# Plumbing suggestions?



## DEREK21 (Dec 21, 2006)

Side View 








Top view with "overflow chamber" attached.








Rear view of bulkhead.








View of "overflow chamber" from front of tank.








Inside view of bulkhead.

Any skilled aquarists who have bulkheads in similar locations to mine? I'd love to see pics of your plumbing.

I bought this tank used, and am trying to figure out the BEST way to plumb it for a sump. What you see in the pics is what the previous owner had in operation.

Is there anything I can do better with this set up?


----------



## fishwolfe (Mar 27, 2005)

that has allot of potential to be a very big mess.that is just a siphon.when the water level drops in the tank the siphon will break and the pump will empty the sump into the tank and flood.just because the first guy did it that way doesn't mean its right. you need to use this setup
http://www.dursostandpipes.com/BuildYou ... fault.aspx
the 90 will be in tank and the rest out behind the tank.


----------



## Rick_Lindsey (Aug 26, 2002)

It'll work just fine the way he has it, but it might not be as quiet as you want it to be. I can't make out the overflow chamber very well, but you can use a small overflow chamber to adjust the water level in the tank a little higher than you'll be able to get with just the strainer sticking in.

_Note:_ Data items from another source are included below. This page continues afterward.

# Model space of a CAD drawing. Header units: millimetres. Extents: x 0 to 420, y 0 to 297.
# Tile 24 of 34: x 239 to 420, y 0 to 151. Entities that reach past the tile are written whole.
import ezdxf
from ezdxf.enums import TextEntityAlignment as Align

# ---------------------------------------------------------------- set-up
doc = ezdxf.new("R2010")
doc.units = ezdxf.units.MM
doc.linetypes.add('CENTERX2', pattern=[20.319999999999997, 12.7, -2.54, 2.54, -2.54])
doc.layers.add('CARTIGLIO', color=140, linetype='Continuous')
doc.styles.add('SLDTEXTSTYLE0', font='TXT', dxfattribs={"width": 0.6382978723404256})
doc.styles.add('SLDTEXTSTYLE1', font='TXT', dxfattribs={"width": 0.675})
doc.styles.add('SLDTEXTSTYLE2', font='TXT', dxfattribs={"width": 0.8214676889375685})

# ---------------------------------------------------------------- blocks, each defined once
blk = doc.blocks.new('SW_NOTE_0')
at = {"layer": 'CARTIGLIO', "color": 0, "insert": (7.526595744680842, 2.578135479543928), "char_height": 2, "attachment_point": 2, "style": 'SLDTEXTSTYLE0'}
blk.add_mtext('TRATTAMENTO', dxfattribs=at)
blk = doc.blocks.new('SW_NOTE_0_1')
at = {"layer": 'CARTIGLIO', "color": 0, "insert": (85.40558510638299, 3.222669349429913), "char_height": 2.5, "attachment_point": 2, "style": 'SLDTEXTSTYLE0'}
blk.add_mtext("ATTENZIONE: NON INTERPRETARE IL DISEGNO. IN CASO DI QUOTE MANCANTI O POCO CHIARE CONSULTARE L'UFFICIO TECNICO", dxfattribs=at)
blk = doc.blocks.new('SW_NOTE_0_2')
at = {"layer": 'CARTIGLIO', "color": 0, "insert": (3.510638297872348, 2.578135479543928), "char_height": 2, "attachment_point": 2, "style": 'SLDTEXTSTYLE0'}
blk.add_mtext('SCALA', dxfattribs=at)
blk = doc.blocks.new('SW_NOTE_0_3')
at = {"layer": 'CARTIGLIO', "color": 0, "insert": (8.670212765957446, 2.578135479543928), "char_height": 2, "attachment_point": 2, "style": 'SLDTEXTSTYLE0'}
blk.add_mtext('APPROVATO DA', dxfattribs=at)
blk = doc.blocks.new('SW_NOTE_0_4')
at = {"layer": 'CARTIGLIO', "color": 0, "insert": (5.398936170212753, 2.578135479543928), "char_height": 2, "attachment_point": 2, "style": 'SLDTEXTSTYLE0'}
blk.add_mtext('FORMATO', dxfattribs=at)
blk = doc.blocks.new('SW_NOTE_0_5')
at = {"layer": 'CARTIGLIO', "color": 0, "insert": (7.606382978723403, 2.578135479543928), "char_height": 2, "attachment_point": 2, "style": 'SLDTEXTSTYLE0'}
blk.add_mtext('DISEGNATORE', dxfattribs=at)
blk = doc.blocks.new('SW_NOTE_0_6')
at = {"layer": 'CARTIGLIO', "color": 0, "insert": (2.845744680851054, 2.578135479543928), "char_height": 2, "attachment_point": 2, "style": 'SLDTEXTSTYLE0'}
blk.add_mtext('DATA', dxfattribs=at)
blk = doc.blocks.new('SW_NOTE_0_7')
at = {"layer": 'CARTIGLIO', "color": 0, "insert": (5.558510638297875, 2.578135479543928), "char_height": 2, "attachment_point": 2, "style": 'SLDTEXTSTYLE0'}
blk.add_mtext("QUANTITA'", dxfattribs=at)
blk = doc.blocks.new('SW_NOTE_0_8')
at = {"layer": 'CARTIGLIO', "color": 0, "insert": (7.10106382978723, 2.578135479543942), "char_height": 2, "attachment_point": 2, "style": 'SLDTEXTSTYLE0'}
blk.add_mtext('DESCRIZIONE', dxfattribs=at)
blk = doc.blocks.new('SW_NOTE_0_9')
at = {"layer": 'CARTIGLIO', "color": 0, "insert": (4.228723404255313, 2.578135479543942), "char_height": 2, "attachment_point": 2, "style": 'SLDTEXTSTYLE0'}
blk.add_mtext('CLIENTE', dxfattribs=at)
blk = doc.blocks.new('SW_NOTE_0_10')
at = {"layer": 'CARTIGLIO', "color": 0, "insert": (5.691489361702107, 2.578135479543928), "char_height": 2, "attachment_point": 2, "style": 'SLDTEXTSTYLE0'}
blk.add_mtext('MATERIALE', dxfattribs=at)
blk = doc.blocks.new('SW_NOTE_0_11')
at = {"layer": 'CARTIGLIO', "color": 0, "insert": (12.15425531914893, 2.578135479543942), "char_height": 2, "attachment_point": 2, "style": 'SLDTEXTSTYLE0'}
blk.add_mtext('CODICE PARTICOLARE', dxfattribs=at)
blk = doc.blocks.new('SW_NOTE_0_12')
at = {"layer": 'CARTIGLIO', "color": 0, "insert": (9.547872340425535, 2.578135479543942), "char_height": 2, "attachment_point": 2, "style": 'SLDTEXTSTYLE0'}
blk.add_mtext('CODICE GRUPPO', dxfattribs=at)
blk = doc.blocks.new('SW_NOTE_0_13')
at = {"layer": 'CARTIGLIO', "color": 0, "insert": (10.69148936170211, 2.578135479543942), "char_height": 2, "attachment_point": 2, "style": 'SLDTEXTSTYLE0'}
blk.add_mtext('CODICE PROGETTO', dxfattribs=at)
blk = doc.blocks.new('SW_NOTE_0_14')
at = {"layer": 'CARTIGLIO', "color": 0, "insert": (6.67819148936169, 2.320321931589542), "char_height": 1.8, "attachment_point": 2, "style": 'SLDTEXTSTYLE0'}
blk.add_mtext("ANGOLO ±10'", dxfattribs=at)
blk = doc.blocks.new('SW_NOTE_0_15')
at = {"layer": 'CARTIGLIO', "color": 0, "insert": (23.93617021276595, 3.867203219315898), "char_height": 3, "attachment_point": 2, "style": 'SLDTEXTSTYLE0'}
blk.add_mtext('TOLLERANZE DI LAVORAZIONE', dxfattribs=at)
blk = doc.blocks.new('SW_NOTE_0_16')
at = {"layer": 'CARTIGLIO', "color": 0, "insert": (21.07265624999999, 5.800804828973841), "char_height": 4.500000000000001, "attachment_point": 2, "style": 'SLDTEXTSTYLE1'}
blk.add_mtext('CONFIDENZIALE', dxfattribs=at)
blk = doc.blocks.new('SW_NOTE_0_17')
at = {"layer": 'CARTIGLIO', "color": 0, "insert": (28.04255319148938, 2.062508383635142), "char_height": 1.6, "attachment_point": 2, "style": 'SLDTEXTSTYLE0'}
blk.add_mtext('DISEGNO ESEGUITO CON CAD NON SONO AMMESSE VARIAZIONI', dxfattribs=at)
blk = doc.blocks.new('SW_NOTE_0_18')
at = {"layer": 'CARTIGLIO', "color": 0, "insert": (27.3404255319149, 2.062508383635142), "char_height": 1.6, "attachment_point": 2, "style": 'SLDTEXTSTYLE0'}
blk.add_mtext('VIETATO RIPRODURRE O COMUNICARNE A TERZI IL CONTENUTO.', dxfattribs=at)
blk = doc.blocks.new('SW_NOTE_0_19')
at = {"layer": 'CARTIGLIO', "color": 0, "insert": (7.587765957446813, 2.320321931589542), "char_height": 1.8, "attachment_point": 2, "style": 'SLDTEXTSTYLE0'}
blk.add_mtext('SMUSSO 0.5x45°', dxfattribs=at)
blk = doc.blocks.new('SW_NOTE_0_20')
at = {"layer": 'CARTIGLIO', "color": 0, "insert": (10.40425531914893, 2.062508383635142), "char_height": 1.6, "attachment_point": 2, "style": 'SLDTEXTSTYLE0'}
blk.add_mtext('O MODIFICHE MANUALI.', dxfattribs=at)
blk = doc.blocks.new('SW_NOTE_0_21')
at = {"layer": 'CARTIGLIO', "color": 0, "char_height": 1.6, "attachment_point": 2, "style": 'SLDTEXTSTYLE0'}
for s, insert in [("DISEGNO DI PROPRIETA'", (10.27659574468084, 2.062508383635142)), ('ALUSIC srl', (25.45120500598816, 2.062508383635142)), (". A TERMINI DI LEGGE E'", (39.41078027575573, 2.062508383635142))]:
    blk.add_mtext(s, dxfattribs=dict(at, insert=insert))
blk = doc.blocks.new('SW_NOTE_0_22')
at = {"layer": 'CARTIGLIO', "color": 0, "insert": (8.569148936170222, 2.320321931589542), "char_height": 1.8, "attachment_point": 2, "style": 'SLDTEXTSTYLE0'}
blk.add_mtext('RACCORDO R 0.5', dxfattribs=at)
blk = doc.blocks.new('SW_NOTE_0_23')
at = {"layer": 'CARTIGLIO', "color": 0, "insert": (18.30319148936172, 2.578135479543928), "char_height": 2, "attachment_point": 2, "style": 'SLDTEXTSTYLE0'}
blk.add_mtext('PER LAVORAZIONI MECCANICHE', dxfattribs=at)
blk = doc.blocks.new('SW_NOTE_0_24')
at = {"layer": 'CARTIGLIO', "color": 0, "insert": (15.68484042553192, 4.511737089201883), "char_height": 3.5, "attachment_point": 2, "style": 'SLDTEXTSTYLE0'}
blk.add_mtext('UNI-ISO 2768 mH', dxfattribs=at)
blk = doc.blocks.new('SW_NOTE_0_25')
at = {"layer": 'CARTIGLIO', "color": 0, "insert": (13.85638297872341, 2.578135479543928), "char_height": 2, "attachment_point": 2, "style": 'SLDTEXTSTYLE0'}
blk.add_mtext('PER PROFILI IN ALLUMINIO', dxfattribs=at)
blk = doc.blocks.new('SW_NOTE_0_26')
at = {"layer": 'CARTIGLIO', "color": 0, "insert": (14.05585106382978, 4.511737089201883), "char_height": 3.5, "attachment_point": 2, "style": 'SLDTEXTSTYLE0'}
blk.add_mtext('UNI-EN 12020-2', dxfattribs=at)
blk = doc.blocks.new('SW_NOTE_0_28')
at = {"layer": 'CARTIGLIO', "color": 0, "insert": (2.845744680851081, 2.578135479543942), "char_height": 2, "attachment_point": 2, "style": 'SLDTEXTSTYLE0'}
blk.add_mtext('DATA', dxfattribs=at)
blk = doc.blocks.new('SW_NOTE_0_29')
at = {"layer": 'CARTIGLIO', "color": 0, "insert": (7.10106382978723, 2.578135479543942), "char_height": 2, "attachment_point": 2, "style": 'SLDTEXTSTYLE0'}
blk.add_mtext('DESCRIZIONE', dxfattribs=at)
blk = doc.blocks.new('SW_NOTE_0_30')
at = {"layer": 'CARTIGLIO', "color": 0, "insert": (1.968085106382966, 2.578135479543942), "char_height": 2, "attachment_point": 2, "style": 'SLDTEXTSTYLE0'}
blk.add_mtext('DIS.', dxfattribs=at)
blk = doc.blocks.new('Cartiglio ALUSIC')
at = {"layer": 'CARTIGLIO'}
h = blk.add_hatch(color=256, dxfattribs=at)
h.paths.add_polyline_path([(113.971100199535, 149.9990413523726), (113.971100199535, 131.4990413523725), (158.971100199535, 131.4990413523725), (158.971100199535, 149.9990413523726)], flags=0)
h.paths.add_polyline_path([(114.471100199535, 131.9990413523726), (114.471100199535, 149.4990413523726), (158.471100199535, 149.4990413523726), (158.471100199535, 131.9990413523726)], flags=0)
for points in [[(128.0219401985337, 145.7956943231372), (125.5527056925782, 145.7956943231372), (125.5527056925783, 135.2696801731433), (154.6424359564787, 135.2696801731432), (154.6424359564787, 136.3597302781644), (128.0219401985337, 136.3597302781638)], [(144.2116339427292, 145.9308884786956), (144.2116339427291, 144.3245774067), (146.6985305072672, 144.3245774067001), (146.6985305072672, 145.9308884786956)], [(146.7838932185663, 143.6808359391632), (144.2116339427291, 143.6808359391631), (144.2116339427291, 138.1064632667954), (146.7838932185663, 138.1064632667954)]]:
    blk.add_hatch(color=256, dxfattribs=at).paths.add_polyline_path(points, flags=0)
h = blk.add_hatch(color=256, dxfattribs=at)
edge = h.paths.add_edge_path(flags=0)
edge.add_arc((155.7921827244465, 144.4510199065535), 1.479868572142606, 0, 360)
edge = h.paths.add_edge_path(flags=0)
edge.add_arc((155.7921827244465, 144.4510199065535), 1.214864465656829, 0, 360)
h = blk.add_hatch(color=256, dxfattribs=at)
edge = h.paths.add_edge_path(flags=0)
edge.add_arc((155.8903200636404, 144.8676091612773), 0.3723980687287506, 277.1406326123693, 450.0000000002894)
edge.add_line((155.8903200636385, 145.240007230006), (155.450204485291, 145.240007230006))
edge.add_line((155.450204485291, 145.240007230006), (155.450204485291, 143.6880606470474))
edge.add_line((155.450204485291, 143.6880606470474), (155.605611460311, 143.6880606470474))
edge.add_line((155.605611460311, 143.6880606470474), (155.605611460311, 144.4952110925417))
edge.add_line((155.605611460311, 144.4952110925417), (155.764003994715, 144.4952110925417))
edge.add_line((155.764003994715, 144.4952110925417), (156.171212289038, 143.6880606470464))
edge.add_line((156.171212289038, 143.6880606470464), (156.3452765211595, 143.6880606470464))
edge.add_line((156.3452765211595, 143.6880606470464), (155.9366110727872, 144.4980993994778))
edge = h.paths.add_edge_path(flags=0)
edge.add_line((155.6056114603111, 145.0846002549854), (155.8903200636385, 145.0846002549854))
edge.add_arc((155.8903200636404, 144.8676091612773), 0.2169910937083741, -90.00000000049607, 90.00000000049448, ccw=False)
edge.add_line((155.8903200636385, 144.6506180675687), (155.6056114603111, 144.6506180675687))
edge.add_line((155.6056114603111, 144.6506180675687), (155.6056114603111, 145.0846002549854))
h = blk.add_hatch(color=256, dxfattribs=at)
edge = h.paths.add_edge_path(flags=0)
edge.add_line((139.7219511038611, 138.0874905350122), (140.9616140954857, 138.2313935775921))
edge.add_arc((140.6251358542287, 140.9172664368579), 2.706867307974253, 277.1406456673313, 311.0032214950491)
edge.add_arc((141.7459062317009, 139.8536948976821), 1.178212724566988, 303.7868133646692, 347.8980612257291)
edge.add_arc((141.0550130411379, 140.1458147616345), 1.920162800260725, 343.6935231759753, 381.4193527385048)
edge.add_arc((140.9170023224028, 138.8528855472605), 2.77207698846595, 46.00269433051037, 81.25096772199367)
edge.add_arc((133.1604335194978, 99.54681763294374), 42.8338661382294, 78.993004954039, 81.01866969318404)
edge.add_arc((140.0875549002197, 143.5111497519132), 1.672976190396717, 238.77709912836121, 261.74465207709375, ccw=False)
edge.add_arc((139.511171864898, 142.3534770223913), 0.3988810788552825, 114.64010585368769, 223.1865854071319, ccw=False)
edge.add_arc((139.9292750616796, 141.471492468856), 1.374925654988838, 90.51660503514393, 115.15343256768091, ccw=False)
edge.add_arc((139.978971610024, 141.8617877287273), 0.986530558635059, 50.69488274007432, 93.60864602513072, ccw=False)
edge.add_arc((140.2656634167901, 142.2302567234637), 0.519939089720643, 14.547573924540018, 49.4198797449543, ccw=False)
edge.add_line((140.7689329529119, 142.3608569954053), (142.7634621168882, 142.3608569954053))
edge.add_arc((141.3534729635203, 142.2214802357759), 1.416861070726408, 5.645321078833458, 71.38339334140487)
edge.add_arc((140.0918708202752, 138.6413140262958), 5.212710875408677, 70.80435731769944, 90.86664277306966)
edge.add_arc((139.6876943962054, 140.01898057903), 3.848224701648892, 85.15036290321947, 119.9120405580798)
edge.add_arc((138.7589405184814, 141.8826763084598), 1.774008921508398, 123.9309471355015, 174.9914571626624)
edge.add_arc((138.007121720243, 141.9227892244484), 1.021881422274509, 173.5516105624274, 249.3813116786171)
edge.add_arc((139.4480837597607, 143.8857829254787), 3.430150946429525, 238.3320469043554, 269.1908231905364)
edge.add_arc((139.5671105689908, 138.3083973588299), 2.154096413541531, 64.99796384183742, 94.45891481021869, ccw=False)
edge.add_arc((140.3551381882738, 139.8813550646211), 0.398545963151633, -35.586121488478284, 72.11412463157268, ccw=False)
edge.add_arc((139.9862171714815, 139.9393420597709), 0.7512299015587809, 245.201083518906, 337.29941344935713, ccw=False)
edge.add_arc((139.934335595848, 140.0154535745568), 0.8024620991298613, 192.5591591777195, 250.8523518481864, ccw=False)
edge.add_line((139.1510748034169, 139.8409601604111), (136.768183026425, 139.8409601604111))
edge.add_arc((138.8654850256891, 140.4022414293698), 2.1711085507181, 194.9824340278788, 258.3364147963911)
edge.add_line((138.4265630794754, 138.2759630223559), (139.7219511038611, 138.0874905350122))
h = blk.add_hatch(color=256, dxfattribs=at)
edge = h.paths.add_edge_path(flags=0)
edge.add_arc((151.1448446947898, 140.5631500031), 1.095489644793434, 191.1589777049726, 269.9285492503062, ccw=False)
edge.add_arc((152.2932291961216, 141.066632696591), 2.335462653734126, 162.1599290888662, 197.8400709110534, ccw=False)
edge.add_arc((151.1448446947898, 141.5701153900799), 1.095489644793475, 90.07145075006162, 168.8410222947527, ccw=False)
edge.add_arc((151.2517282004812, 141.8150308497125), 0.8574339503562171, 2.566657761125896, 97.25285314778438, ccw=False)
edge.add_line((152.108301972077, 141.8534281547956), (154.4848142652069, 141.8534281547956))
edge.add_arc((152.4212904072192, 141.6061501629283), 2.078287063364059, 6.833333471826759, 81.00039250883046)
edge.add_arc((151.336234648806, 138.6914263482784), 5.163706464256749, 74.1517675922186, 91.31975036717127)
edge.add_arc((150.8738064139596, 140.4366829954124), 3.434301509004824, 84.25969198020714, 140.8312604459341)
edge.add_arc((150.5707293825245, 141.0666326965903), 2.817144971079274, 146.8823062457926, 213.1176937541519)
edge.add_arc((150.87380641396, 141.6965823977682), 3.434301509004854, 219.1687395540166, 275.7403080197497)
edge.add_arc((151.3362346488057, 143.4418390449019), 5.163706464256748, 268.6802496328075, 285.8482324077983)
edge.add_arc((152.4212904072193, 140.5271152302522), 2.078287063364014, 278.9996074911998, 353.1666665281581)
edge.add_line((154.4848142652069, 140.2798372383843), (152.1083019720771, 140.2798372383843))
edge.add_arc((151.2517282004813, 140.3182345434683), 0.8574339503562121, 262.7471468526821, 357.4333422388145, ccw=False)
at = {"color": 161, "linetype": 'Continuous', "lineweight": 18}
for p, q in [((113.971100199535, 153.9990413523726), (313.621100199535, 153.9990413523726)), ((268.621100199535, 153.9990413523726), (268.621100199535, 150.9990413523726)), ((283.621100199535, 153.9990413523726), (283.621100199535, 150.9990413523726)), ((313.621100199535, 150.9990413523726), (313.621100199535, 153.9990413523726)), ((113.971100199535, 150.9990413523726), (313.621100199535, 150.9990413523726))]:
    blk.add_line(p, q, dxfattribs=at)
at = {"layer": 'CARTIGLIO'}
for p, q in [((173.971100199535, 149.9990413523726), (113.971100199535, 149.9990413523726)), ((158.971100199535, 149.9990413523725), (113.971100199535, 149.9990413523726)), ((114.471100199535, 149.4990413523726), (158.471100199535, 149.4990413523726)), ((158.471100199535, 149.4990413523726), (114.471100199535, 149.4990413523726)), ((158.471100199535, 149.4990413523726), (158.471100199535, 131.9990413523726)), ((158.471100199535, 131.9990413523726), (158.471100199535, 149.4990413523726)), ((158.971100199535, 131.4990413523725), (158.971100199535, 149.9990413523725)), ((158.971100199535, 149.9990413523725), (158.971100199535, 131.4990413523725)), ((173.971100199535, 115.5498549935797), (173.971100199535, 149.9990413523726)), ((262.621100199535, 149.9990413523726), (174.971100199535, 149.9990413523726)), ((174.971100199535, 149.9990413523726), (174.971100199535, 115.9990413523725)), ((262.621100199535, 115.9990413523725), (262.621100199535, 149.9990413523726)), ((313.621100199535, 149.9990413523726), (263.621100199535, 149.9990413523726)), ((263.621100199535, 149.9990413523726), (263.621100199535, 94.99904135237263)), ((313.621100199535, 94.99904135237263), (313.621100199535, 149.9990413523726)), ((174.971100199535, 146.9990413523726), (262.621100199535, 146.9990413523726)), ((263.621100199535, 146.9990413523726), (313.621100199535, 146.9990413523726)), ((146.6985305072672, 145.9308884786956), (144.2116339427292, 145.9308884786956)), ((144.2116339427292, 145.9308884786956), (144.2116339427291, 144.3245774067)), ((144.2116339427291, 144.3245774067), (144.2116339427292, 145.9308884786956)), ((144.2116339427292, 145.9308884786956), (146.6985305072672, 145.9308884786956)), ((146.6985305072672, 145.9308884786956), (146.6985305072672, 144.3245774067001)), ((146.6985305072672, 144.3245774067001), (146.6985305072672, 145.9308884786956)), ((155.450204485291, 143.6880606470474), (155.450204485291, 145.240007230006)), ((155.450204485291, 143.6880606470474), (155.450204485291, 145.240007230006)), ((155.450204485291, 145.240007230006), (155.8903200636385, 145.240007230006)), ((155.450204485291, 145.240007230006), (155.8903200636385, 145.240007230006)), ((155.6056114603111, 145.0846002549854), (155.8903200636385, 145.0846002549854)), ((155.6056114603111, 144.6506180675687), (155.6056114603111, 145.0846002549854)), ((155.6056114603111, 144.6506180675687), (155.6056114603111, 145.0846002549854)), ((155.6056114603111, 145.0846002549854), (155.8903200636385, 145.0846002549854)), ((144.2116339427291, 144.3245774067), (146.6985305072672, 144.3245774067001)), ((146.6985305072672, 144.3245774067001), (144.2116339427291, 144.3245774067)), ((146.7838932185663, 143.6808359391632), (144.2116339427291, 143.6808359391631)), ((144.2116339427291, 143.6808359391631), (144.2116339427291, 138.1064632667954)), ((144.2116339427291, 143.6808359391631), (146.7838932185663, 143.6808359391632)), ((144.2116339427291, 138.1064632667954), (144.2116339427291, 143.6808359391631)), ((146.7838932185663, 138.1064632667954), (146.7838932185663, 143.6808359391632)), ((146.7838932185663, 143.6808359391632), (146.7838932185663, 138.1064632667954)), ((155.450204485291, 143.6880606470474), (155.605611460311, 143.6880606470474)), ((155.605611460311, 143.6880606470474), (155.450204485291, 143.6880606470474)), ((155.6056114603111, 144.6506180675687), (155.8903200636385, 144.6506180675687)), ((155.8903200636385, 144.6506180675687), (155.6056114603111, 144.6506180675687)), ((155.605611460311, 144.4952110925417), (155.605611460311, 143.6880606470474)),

Here's a picture of what I think fishwolfe is recommending, and is also probably what i'd do in your situation.










That's basically a durso standpipe with a bulkhead between the "T" and the elbow fittings. I forgot to draw the bulkhead... use your imagination . There's a hole in the cap on the top to allow air to get in. At this point you could even extend a pipe down from the elbow if you wanted an intake further down closer to the substrate. Just make sure the hole in the cap is big enough and it'll break the siphon when the water level drops below the "T" fitting. The funny thing on the bottom left is a hose barb, in case it wasn't obvious .

I thought about doing this with my 29 gallon since the stand was too wide to drill the bottom of the tank, but it turned out the sump won't fit so i'm just making a new stand instead.

-Rick (the armchair aquarist)


----------



## fishwolfe (Mar 27, 2005)

i forgot the water would stop filling the overflow chamber once the tank level dropped  i should have looked closer at the other pics.


----------



## fishwolfe (Mar 27, 2005)

how does the over flow chamber attach to the tank?


----------



## DEREK21 (Dec 21, 2006)

That's exactly what I was thinking of doing.

Creating a Durso, where the Bulkhead is between the 90 & the T!

Thank you for the validation.

by the way, the overflow chamber has a hole cut and it is "sandwiched" between the bulkhead and the little strainer thing that was previously on there


----------



## fishwolfe (Mar 27, 2005)

tricky :lol:


----------